10150,2351,3384.0,43414413,647878266,0.000000
10150,2351,3388.0,43414413,647878266,0.000000
10150,2351,3392.0,43414413,647878266,0.000000
10150,2351,3396.0,43414413,647878266,0.000000


The resulting dataset requires some changes to make it compatible again for export to SEGY.
Firstly, the attributes need to be set. The simplest way is to copy these from the original SEG-Y input.
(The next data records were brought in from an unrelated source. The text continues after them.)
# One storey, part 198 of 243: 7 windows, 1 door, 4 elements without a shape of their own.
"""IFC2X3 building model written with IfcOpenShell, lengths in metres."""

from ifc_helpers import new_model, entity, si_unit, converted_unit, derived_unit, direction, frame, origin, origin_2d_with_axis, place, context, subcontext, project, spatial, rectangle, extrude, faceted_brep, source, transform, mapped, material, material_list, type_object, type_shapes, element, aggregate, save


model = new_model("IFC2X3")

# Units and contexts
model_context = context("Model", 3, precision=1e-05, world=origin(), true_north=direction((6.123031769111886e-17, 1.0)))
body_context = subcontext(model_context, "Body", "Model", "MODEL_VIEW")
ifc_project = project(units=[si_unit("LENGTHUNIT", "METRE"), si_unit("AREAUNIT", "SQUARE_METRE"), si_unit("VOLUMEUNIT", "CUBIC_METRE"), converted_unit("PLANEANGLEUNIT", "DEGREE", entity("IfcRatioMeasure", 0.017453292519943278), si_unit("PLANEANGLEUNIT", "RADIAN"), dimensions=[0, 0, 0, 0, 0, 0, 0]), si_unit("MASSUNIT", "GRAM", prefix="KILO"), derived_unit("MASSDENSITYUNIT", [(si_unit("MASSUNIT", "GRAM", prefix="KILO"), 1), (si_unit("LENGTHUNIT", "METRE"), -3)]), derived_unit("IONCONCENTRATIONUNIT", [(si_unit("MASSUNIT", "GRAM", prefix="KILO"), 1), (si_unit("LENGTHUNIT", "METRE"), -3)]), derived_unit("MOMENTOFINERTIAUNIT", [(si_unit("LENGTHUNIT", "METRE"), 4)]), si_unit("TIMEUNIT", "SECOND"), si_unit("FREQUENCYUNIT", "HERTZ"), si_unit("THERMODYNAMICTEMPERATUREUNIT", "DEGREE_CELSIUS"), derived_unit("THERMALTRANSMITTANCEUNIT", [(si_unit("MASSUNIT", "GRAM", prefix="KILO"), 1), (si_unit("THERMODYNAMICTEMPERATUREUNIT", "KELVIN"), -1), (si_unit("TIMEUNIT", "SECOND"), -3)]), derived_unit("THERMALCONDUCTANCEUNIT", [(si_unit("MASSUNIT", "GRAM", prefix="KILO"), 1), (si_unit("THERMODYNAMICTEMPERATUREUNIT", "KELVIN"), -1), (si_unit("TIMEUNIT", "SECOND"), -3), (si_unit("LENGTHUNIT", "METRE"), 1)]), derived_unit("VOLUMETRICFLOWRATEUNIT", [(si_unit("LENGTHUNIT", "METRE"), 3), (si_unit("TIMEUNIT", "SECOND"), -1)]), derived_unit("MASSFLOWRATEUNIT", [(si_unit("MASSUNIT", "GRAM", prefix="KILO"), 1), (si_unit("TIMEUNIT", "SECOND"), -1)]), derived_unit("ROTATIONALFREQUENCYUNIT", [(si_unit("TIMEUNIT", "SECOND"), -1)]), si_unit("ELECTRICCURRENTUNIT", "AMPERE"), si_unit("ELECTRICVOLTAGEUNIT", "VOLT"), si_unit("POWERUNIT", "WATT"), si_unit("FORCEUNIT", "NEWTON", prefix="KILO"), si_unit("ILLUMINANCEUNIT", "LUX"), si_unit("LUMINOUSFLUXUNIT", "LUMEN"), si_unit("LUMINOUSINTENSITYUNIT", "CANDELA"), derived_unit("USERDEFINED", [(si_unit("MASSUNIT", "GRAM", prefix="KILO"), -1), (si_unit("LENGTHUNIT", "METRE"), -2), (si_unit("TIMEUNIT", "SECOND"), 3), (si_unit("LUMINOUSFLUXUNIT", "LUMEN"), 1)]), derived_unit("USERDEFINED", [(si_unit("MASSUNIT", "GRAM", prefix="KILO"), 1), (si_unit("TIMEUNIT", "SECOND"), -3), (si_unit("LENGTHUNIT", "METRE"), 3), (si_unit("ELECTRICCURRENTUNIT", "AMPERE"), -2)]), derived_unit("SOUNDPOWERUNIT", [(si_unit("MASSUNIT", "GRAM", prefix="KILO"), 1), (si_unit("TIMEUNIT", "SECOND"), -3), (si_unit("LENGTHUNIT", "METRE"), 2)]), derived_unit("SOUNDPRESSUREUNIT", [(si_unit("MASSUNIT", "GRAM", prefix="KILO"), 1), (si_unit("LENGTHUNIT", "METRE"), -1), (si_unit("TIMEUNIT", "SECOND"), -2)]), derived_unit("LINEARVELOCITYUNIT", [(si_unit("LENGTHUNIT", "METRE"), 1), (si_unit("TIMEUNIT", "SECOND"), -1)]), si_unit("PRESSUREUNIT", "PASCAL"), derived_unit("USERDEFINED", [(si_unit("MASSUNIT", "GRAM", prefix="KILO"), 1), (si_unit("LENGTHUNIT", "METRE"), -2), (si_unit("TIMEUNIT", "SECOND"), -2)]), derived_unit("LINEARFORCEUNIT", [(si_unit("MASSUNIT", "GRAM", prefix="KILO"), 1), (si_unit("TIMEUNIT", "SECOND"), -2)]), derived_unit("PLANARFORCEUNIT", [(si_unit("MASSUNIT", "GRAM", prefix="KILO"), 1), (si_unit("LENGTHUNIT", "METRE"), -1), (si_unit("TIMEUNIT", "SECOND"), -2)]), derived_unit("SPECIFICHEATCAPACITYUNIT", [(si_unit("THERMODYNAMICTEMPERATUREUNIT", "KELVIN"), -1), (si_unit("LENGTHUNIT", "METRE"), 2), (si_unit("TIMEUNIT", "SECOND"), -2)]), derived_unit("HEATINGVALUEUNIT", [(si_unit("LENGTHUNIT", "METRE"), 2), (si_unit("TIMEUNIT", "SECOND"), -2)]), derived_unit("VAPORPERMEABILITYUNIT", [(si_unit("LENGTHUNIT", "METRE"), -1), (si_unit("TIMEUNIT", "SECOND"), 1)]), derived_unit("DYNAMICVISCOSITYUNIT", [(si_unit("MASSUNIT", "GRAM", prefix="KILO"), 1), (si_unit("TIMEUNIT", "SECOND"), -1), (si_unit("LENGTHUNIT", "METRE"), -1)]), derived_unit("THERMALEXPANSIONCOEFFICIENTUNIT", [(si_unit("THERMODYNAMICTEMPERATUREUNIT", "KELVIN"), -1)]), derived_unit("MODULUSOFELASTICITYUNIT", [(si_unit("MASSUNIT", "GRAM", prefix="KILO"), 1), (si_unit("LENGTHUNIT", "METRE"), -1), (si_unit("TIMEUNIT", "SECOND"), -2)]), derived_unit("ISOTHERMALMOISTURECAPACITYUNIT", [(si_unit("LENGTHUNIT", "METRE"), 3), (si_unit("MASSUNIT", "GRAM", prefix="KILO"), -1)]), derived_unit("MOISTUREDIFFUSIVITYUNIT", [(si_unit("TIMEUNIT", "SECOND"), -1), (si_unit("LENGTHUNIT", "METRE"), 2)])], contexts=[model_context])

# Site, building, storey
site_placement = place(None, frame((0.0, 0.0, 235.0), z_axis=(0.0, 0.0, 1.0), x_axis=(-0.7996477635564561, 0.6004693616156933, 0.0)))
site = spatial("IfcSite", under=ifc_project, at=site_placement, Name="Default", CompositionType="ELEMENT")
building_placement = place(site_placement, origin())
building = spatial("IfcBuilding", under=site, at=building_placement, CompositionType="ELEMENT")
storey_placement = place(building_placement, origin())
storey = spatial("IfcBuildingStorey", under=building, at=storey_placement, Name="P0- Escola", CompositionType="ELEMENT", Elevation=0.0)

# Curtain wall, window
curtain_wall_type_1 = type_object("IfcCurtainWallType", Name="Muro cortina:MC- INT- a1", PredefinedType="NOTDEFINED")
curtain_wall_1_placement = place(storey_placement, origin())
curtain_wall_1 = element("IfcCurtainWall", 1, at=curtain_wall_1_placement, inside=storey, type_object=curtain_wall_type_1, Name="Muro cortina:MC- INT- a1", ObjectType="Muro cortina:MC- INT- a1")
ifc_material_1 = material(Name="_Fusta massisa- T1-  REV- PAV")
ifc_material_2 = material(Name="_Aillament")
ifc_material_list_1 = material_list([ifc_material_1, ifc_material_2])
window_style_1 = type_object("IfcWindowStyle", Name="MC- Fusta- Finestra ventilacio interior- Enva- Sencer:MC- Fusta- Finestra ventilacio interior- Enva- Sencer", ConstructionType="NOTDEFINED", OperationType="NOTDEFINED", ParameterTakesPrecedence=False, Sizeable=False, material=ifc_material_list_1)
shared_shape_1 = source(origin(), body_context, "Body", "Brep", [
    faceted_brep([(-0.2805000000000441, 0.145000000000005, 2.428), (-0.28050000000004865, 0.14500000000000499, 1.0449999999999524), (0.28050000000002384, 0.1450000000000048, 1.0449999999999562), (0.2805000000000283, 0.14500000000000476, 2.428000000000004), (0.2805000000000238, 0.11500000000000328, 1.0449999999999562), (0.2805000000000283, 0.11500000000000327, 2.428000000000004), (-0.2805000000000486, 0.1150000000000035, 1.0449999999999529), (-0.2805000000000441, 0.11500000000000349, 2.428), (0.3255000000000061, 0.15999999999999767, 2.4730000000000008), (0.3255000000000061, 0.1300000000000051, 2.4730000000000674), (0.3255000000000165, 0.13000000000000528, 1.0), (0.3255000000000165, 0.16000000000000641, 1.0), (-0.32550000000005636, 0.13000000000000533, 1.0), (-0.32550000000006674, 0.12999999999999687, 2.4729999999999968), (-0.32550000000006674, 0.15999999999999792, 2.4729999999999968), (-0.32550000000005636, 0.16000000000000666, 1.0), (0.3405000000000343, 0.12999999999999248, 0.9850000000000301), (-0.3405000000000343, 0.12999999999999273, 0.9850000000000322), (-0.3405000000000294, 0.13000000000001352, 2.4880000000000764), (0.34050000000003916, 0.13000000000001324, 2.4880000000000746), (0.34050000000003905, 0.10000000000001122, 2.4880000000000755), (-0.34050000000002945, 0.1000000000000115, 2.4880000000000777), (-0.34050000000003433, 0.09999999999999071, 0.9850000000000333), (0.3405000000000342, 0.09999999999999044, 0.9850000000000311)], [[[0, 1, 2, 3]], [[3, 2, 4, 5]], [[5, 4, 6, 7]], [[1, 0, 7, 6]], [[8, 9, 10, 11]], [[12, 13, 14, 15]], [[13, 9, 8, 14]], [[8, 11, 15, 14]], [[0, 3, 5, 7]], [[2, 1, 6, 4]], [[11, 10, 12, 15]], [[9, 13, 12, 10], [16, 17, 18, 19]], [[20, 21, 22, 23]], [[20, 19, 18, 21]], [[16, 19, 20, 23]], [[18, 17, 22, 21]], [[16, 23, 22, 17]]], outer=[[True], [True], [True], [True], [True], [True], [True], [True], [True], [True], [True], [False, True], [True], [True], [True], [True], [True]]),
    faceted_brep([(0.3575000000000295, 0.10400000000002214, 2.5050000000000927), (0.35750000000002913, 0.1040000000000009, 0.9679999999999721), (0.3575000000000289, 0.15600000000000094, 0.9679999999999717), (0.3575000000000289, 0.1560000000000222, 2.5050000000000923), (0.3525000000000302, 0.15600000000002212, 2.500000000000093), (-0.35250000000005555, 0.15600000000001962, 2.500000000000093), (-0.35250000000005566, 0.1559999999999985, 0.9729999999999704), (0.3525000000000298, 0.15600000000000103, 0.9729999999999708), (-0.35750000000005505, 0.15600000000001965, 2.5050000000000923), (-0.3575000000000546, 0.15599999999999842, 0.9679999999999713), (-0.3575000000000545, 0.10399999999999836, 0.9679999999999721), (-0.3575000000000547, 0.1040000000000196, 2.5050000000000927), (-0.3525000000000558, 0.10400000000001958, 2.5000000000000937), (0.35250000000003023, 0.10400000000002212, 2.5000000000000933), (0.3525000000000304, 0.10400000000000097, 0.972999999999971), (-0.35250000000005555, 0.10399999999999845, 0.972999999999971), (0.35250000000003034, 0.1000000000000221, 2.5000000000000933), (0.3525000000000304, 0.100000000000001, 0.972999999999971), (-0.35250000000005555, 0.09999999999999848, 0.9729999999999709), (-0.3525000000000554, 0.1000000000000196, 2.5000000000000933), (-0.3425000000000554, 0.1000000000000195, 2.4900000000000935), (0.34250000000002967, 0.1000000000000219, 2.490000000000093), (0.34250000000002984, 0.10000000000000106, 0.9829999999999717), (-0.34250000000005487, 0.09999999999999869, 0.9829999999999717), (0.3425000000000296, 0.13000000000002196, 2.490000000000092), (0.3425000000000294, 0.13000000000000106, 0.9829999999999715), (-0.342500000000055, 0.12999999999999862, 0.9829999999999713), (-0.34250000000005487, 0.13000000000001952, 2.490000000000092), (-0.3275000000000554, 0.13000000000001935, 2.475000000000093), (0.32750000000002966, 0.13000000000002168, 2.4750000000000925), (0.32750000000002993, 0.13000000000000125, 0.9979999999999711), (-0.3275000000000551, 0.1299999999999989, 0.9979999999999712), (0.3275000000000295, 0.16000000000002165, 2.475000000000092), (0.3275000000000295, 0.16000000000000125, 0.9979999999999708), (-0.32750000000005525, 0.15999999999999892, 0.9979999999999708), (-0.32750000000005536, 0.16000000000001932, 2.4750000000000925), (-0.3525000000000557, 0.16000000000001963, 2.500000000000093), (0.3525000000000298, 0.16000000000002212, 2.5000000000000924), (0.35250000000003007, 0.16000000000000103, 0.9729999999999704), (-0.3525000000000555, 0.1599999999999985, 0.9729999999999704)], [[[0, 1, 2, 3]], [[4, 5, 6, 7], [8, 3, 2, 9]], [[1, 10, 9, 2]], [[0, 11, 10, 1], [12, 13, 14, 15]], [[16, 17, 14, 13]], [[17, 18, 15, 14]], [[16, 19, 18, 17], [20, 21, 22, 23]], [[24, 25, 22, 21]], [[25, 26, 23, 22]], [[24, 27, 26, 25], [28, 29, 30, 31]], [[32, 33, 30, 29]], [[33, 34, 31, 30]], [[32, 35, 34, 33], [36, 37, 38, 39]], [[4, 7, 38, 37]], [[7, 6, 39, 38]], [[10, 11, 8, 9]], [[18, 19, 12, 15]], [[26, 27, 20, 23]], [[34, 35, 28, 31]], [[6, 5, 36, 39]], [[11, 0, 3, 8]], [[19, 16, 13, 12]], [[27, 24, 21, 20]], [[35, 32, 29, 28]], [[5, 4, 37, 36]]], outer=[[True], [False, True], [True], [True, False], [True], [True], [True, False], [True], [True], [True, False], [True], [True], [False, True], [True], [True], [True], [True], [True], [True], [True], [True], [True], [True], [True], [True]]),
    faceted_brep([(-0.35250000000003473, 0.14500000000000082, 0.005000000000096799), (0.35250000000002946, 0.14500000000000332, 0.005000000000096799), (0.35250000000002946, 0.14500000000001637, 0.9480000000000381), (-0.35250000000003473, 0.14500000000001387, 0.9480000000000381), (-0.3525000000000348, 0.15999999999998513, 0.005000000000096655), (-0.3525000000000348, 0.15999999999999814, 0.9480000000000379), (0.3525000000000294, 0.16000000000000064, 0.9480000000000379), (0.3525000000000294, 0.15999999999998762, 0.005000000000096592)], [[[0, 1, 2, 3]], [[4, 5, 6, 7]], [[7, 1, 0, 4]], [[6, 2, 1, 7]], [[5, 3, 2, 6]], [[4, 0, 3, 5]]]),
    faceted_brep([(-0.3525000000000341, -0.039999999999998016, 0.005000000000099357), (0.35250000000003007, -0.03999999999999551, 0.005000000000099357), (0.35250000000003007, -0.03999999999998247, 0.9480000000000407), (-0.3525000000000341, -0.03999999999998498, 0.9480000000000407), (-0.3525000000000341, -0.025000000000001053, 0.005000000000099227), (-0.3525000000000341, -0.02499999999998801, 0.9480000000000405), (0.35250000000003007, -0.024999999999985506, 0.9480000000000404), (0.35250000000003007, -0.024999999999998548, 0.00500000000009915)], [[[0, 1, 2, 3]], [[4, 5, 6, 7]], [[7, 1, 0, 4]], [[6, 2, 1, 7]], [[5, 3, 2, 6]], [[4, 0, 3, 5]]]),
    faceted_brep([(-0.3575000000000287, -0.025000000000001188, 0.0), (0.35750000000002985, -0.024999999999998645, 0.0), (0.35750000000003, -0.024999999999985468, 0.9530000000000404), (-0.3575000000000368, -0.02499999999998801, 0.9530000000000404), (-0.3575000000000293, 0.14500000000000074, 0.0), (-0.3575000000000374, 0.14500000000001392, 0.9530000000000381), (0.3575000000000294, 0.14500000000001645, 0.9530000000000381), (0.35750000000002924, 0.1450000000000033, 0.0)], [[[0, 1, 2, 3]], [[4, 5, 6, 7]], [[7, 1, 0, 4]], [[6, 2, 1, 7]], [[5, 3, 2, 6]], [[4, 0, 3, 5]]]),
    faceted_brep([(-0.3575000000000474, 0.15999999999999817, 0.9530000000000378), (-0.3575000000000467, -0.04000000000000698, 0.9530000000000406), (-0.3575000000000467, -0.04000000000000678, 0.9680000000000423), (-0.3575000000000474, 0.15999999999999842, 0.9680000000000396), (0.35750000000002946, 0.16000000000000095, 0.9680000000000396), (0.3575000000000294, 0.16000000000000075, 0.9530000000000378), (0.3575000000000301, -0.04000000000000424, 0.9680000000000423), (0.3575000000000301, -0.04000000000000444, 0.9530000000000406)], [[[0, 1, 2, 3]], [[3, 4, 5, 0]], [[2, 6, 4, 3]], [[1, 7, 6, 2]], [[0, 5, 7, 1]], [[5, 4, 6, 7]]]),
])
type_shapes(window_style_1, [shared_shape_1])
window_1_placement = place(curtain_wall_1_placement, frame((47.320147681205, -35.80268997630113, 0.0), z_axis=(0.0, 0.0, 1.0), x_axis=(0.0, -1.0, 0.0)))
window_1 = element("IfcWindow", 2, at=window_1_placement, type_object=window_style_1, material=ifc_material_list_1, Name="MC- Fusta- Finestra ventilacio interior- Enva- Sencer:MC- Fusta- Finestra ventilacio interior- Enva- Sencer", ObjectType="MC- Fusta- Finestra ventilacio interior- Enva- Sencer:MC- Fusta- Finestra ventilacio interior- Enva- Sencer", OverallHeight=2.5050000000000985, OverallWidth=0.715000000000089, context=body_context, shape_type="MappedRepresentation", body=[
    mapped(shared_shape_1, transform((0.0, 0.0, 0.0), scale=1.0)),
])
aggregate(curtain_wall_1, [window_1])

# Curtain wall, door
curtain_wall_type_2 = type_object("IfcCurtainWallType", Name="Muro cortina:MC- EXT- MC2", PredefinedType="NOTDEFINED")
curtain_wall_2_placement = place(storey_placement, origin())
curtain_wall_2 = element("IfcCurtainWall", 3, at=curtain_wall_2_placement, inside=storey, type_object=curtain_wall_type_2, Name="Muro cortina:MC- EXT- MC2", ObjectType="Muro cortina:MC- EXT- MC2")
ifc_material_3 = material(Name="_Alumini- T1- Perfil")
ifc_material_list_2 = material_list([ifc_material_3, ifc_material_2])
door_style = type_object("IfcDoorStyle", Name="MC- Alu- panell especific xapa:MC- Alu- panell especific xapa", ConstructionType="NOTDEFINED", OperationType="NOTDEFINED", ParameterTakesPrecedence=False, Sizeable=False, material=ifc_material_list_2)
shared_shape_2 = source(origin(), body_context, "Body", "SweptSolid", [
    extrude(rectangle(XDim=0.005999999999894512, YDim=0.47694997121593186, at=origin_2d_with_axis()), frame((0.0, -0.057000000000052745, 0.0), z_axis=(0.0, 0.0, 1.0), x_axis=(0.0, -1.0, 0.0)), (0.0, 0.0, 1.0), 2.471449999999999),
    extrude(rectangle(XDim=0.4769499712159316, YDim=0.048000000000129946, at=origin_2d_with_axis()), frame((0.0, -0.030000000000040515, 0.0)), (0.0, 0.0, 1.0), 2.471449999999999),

Otherwise they can be set manually. `segysak` specifically needs the `sample_rate` and the `coord_scalar` attributes.

In [6]:
volve_3d_ds.attrs = volve_3d.attrs
display(volve_3d_ds.attrs)

{'seisnc': '{"coord_scalar": -100.0, "coord_scaled": false}'}

The `cdp_x` and `cdp_y` positions must be reduced to 2D along the vertical axis "twt" and set as coordinates.

In [7]:
volve_3d_ds["cdp_x"]

In [8]:
volve_3d_ds["cdp_x"] = volve_3d_ds["cdp_x"].mean(dim=["samples"])
volve_3d_ds["cdp_y"] = volve_3d_ds["cdp_y"].mean(dim=["samples"])
volve_3d_ds = volve_3d_ds.set_coords(["cdp_x", "cdp_y"])
volve_3d_ds

Afterwards, use the `to_segy` method as normal to return to SEGY.

In [9]:
volve_3d_ds.seisio.to_segy("data/test.segy", iline=189, xline=193, trace_header_map={'cdp_x':181, 'cdp_y':185})

## Very large datasets

If you have a very large dataset (SEG-Y file), it may be possible to use `ds.to_dask_dataframe()` which can perform operations, including the writing of data in a lazy manner.